Enigma of 2020



How many of us have thought about how 2020 was supposed to be our year? How many times have we thought about how 2020 mistreated us and nearly sabotaged us? We stayed a lot of long nights contemplating the reasons behind the catastrophic situations that have been invading our lives in the past few months since the commencement of 2020. We all wanted reasons. We wanted to ascertain an easy correlation between our actions and the bad that has been taking over our lives.

2020 was the year I hoped to love fiercely, to put my heart onto my sleeves and to allow people to see the innermost parts of it. It was the year I hoped to stop emulating others' guidelines that no longer fit me. It was the year I hoped to dive deeper into love, to create something enchanting yet authentic. It was the year I hoped to bare my soul, to show my vulnerability and scars. I hoped to look back at myself and feel proud knowing that despite it all I've made it.

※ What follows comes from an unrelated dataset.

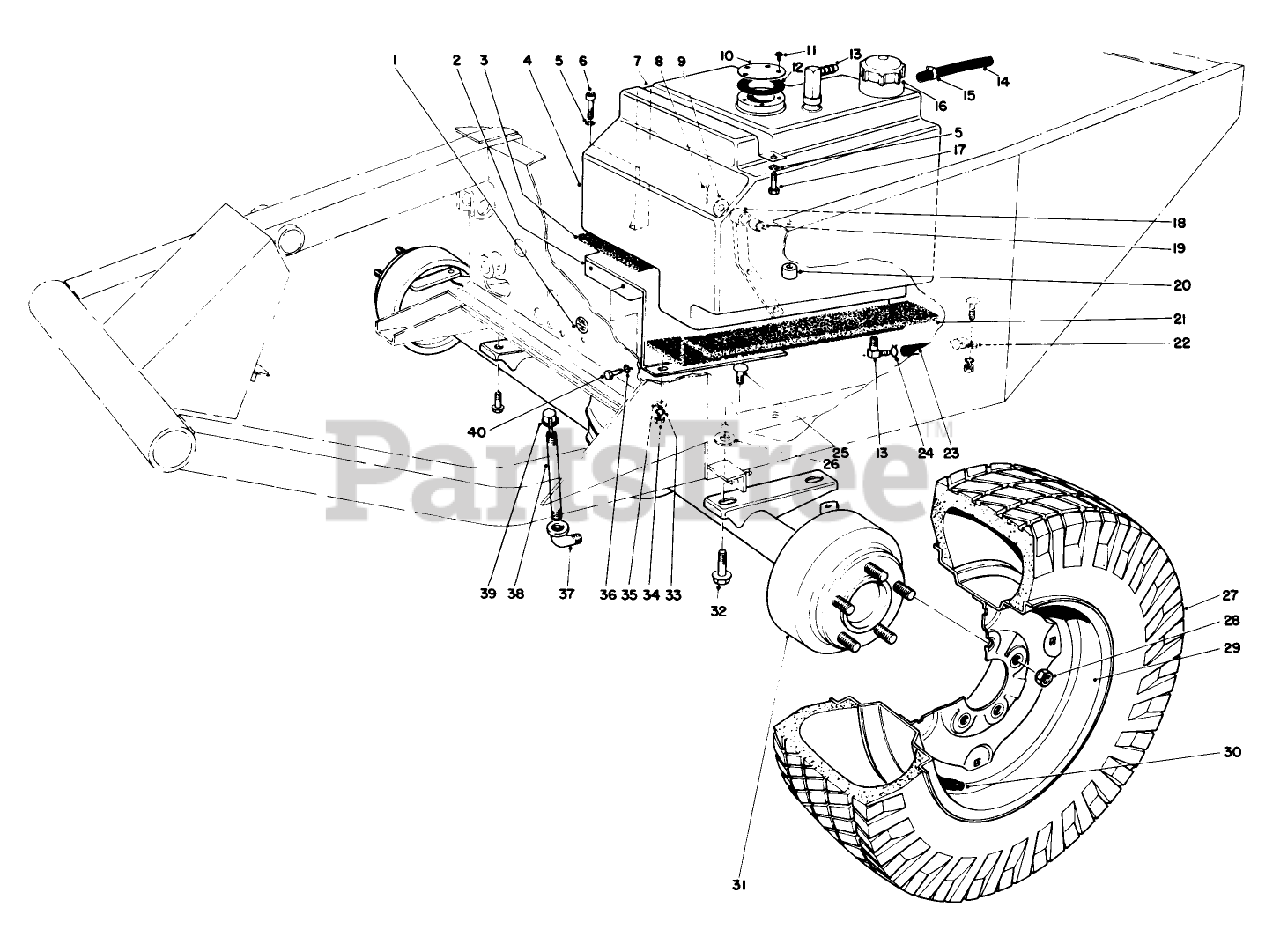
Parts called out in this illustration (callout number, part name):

2020 was supposed to be the year of fulfilled dreams and promises. It was supposed to be the year where we finally discover the long-dissipated love of our lives. It was supposed to be the year where we finally settle in and find our true purpose in life. It was supposed to be the year where we finally learn the reason behind all of the dilemmas that once occupied our lives. More importantly, it was supposed the year where we finally after a long time of constant fighting, we'll figure out our heart and mind and learn to unearth the harmony between its polarities. It was supposed to be the year of peace.
But it wasn't.

Instead, it was and is still, a year full of tears and shattered dreams. It filled me with so much despondency. 2020 was the year I realised that my life is built of paper walls, so easy for it to shatter yet hard to rebuild. 2020 was the year I saw the boundless love that I was wrapped in for four years, leave.

It makes me wonder, what is 2020 trying to teach me? Which piece of the puzzle am I missing?